The first public version of Arrakis has been released recently, and the code is hosted on GitHub.
Cool I have been seeing allot more OS and hobby OS news lately. Much prefer it to smartphone news. Cudos
I agree the more OS stuff the better, there is really no point in covering smartphone hardware as its “here today, gone this afternoon” and by the time the story reaches here its already been beaten by something better.
As for TFA my question would be…what is the difference between this and an application based VM? As that is what it sounds like they are going for, to have a basic hypervisor that only handles basic tasks like I/O and memory while the program gets center stage. This could be sweet for non Internet based applications but anything connected to the net would be at serious risk running “bare metal” hence why browsers and AVs have sandboxing, having separation of the application from the hardware is a good thing if it has access to the net thanks to bad actors.
I know TFA says the “application will handle it” but if that worked we wouldn’t have zero days, no program is perfect and having layers at least makes multiple blocks a bad actor has to bypass to get to the hardware. If I’m reading this right the bad guy would only have to bypass the single application to have unrestricted access to the hardware…ohh that isn’t good, not good at all.
bassbeast,
I do not know the answers to your questions. It looks like this is more for scientific research than serving applications, security may simply be out of scope.
However speaking hypothetically about the security of this model, when the application is running on bare metal, the raw performance probably increases a little, but it’s not obvious to me how bare metal applications could increase the scope of a breach?
Consider a regular user process on linux is successfully hacked, the hacker can access everything that the application could access (databases/files/network/etc). Other unrelated services may be isolated by the OS, but are still potentially at risk anyways even if the OS does not become compromised (smtp daemon, /etc files, unprotected home directories, side channel attacks, etc).
To be clear, I’m in favor of having OS security as well, but just to play devil’s advocate: doesn’t running a network facing application on a multiuser OS _increase_ the vulnerability surface compared to just running a network facing application with no OS?

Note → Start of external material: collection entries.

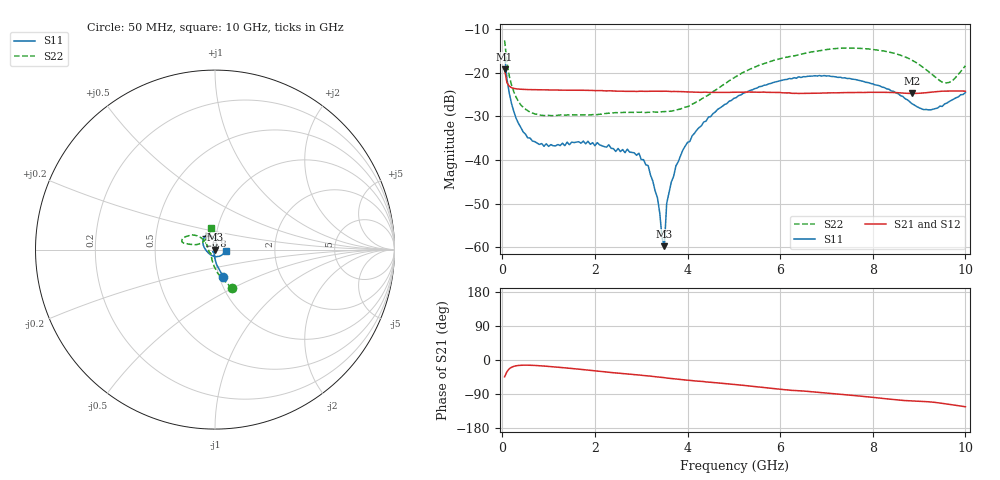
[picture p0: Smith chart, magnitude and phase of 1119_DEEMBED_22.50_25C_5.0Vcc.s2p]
!Hittite Microwave Corp.
!Digital Attenuator/PhaseShifter Rev 1.4.0
!Filename: C:\DATA\DATA\1119_DEEMBED_22.50_25C_5.0Vcc.s2p
!VNA ID: Agilent Technologies,N5224A,MY51441122,A.10.45.03
!Device type:
!2 Port Calibration.
!Temp(C): 25
!Lot Number:
!Serial Number:
!Operator:
!Misc:
!Attenuator:  22.500
# GHZ S DB R 50.0
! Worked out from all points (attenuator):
!   200 points, 50 MHz to 10 GHz, reference 50 ohm
!   highest |S21| = -19.24 dB at 50 MHz (marker M1); lowest = -24.8 dB at 8.85 GHz (marker M2)
!   lowest |S11| = -59.8 dB at 3.5 GHz (marker M3), VSWR 1.00, Z = 50.1 + j0.0318 ohm
!   |S11| at or under -10 dB: start of sweep to end of sweep
!   |S22| runs from -29.8 to -12.6 dB; largest |S21 - S12| = 0.00017
!   S11 on the Smith chart (normalised r, x): 50 MHz: 1.05, -0.33; 6.8 GHz: 0.89, +0.14; 10 GHz: 1.13, -0.01
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0.05  -15.89 -73.0  -19.24 -44.4  -19.25 -44.5  -12.60 -66.6
0.1  -21.38 -83.5  -22.25 -30.9  -22.24 -30.9  -17.56 -83.5
0.2  -27.09 -92.4  -23.43 -19.1  -23.43 -19.1  -22.83 -100.1
0.55  -34.94 -109.0  -23.86 -13.6  -23.85 -13.6  -28.71 -125.8
0.9  -36.86 -117.6  -23.92 -16.0  -23.92 -16.0  -29.81 -135.1
1.75  -35.67 -126.4  -24.02 -25.4  -24.03 -25.4  -29.67 -139.8
2.95  -38.44 -104.8  -24.25 -39.5  -24.26 -39.6  -29.07 -158.8
3.15  -41.29 -96.2  -24.25 -41.9  -24.26 -42.0  -29.06 -164.8
3.4  -52.14 -93.2  -24.25 -45.2  -24.26 -45.3  -29.00 -172.2
3.45  -57.84 -29.8  -24.25 -46.0  -24.26 -46.0  -28.94 -174.1
3.5  -59.76 18.0  -24.23 -46.6  -24.24 -46.6  -28.91 -175.7
3.55  -49.96 59.2  -24.24 -47.6  -24.26 -47.6  -28.90 -177.6
3.75  -41.32 69.3  -24.30 -50.0  -24.31 -50.1  -28.57 174.7
3.9  -37.71 67.1  -24.34 -52.0  -24.35 -52.0  -28.10 168.1
4.45  -30.19 74.6  -24.51 -58.5  -24.52 -58.5  -25.09 147.4
5.05  -25.72 87.7  -24.47 -64.9  -24.49 -65.0  -20.85 139.5
6.7  -20.77 121.0  -24.68 -83.9  -24.68 -83.9  -15.19 154.5
6.8  -20.76 123.0  -24.69 -85.0  -24.70 -85.0  -15.04 155.8
8.35  -23.80 165.1  -24.52 -103.0  -24.52 -103.0  -15.25 168.2
8.85  -27.13 -163.2  -24.76 -107.9  -24.75 -108.0  -17.15 167.9
9.55  -27.15 -60.1  -24.21 -115.4  -24.22 -115.4  -22.29 138.9
10  -24.55 -5.1  -24.23 -123.4  -24.24 -123.3  -18.40 99.6

Because they would have total unrestricted access to the bare metal and thanks to flashable firmware they would be able to embed the malware below even the OS level?
IIRC there was a blackhat convention showing a couple years back that did just that, once they pwned the OS they then wrote code in both the BIOS and the firmware of some hardware, maybe wireless, that left them a backdoor capable of loading code. after that they had the malware load BEFORE the OS by using the VM capability of the hardware, basically ended up with the OS running as a kind of VM on top of the malware so that even an AV would have no way to detect it.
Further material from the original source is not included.